La mayoría, si no todas, de las esposas que aparecen en el libro, esposas de alguno de los elementos nazis a los que los investigadores británicos tratan de localizar, no es capaz de dar razón de dónde está su marido. Están separadas de él desde hace tiempo y ahora tratan de vivir su vida. Esta situación, como digo repetida varias veces, es una buena metáfora de la sociedad que los investigadores británicos se encuentran. Una sociedad rota, que ha perdido sus vínculos más estrechos y esenciales. Por lo demás, conforme los interrogatorios de los hombres culpables se van desplegando en las páginas, comenzamos a intuir primero, y a sentir después, algo que ha expresado, mejor que nadie, Hannah Arendt: los monstruos son, en realidad, personajes cotidianos.

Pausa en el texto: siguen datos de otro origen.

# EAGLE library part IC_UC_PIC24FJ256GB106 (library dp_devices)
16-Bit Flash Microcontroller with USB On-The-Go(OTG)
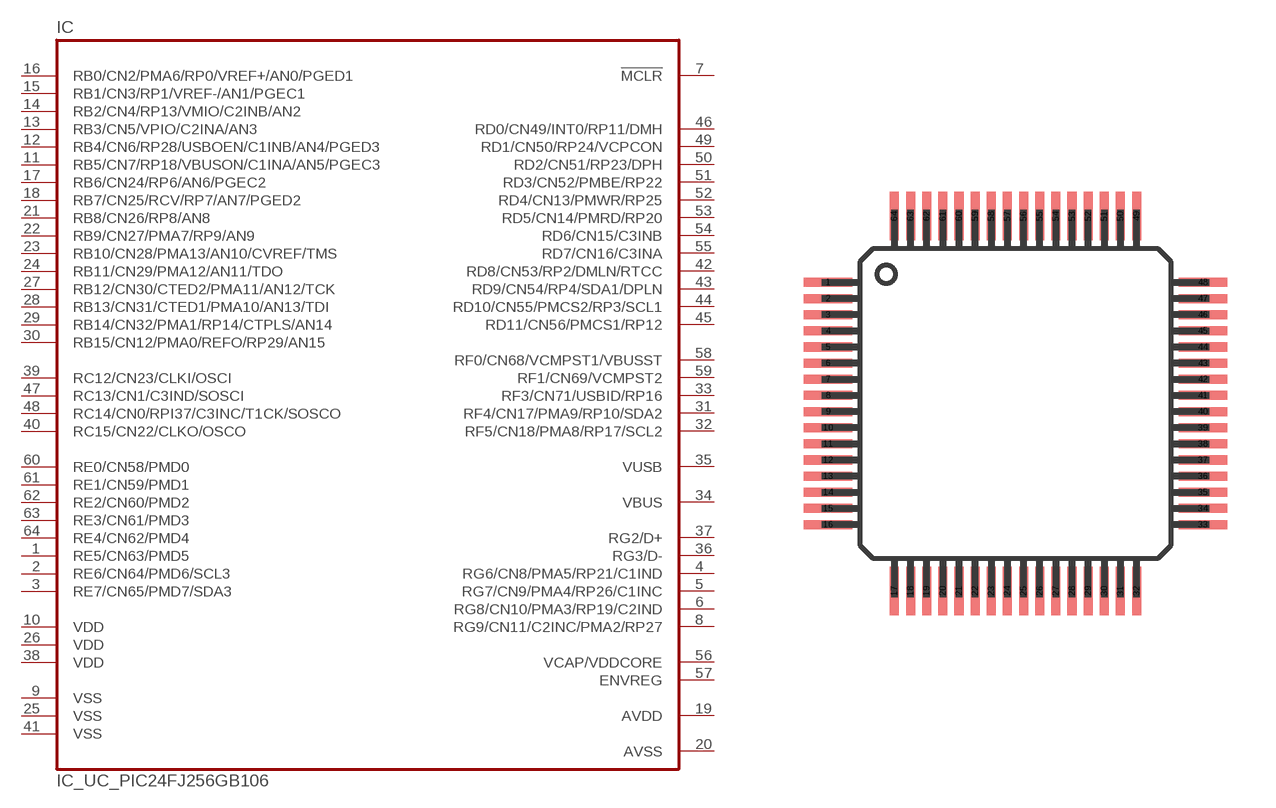
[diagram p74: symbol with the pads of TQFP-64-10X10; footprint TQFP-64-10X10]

Designator prefix IC

## IC_UC_PIC24FJ256GB106  [TQFP-64-10X10]
1  RE5/CN63/PMD5
2  RE6/CN64/PMD6/SCL3
3  RE7/CN65/PMD7/SDA3
4  RG6/CN8/PMA5/RP21/C1IND
5  RG7/CN9/PMA4/RP26/C1INC
6  RG8/CN10/PMA3/RP19/C2IND
7  !MCLR  in
8  RG9/CN11/C2INC/PMA2/RP27
9  VSS  pwr
10  VDD  pwr
11  RB5/CN7/RP18/VBUSON/C1INA/AN5/PGEC3
12  RB4/CN6/RP28/USBOEN/C1INB/AN4/PGED3
13  RB3/CN5/VPIO/C2INA/AN3
14  RB2/CN4/RP13/VMIO/C2INB/AN2
15  RB1/CN3/RP1/VREF-/AN1/PGEC1
16  RB0/CN2/PMA6/RP0/VREF+/AN0/PGED1
17  RB6/CN24/RP6/AN6/PGEC2
18  RB7/CN25/RCV/RP7/AN7/PGED2
19  AVDD  pwr
20  AVSS  pwr
21  RB8/CN26/RP8/AN8
22  RB9/CN27/PMA7/RP9/AN9
23  RB10/CN28/PMA13/AN10/CVREF/TMS
24  RB11/CN29/PMA12/AN11/TDO
25  VSS  pwr
26  VDD  pwr
27  RB12/CN30/CTED2/PMA11/AN12/TCK
28  RB13/CN31/CTED1/PMA10/AN13/TDI
29  RB14/CN32/PMA1/RP14/CTPLS/AN14
30  RB15/CN12/PMA0/REFO/RP29/AN15
31  RF4/CN17/PMA9/RP10/SDA2
32  RF5/CN18/PMA8/RP17/SCL2
33  RF3/CN71/USBID/RP16
34  VBUS
35  VUSB
36  RG3/D-
37  RG2/D+
38  VDD  pwr
39  RC12/CN23/CLKI/OSCI
40  RC15/CN22/CLKO/OSCO
41  VSS  pwr
42  RD8/CN53/RP2/DMLN/RTCC
43  RD9/CN54/RP4/SDA1/DPLN
44  RD10/CN55/PMCS2/RP3/SCL1
45  RD11/CN56/PMCS1/RP12
46  RD0/CN49/INT0/RP11/DMH
47  RC13/CN1/C3IND/SOSCI
48  RC14/CN0/RPI37/C3INC/T1CK/SOSCO
49  RD1/CN50/RP24/VCPCON
50  RD2/CN51/RP23/DPH
51  RD3/CN52/PMBE/RP22
52  RD4/CN13/PMWR/RP25
53  RD5/CN14/PMRD/RP20
54  RD6/CN15/C3INB
55  RD7/CN16/C3INA
56  VCAP/VDDCORE
57  ENVREG
58  RF0/CN68/VCMPST1/VBUSST
59  RF1/CN69/VCMPST2
60  RE0/CN58/PMD0
61  RE1/CN59/PMD1
62  RE2/CN60/PMD2
63  RE3/CN61/PMD3
64  RE4/CN62/PMD4

## Footprint TQFP-64-10X10 (pad centres in mm)
smd 1.5 x 0.28: 1 -5.8,3.75; 2 -5.8,3.25; 3 -5.8,2.75; 4 -5.8,2.25; 5 -5.8,1.75; 6 -5.8,1.25; 7 -5.8,0.75; 8 -5.8,0.25; 9 -5.8,-0.25; 10 -5.8,-0.75; 11 -5.8,-1.25; 12 -5.8,-1.75; 13 -5.8,-2.25; 14 -5.8,-2.75; 15 -5.8,-3.25; 16 -5.8,-3.75; 33 5.8,-3.75; 34 5.8,-3.25; 35 5.8,-2.75; 36 5.8,-2.25; 37 5.8,-1.75; 38 5.8,-1.25; 39 5.8,-0.75; 40 5.8,-0.25; 41 5.8,0.25; 42 5.8,0.75; 43 5.8,1.25; 44 5.8,1.75; 45 5.8,2.25; 46 5.8,2.75; 47 5.8,3.25; 48 5.8,3.75
smd 0.28 x 1.5: 17 -3.75,-5.8; 18 -3.25,-5.8; 19 -2.75,-5.8; 20 -2.25,-5.8; 21 -1.75,-5.8; 22 -1.25,-5.8; 23 -0.75,-5.8; 24 -0.25,-5.8; 25 0.25,-5.8; 26 0.75,-5.8; 27 1.25,-5.8; 28 1.75,-5.8; 29 2.25,-5.8; 30 2.75,-5.8; 31 3.25,-5.8; 32 3.75,-5.8; 49 3.75,5.8; 50 3.25,5.8; 51 2.75,5.8; 52 2.25,5.8; 53 1.75,5.8; 54 1.25,5.8; 55 0.75,5.8; 56 0.25,5.8; 57 -0.25,5.8; 58 -0.75,5.8; 59 -1.25,5.8; 60 -1.75,5.8; 61 -2.25,5.8; 62 -2.75,5.8; 63 -3.25,5.8; 64 -3.75,5.8

El hombre que dirige la partida cuya orden es disparar en la nuca a dos aviadores británicos está inquieto porque esa noche tiene entradas para el teatro, y teme que el encarguito le vaya a dejar sin espectáculo. La inmensa mayoría de los que son localizados por los investigadores y habían conducido los coches, o incluso disparado sus armas, se excusan diciendo que recibieron órdenes, y que no haberlas cumplido les habría supuesto a ellos la condena a muerte. No hay casi, en todo el libro, ejemplos de miembros de la Gestapo que digan: sí, yo los maté, ¿qué pasa? Lo hice porque creo en esto, en esto y en esto, y lo volvería a hacer. La mayoría de los hombres que cometieron esos asesinatos trata de convencer a sus captores de que no hicieron otra cosa distinta que los bombarderos que destruyeron Dresde. No hay, pues, convicciones. No hay religión nazi. Ya no. Sólo hay alemanes normales, tratando de convencer a sus interrogadores de que hicieron lo que tenían que hacer.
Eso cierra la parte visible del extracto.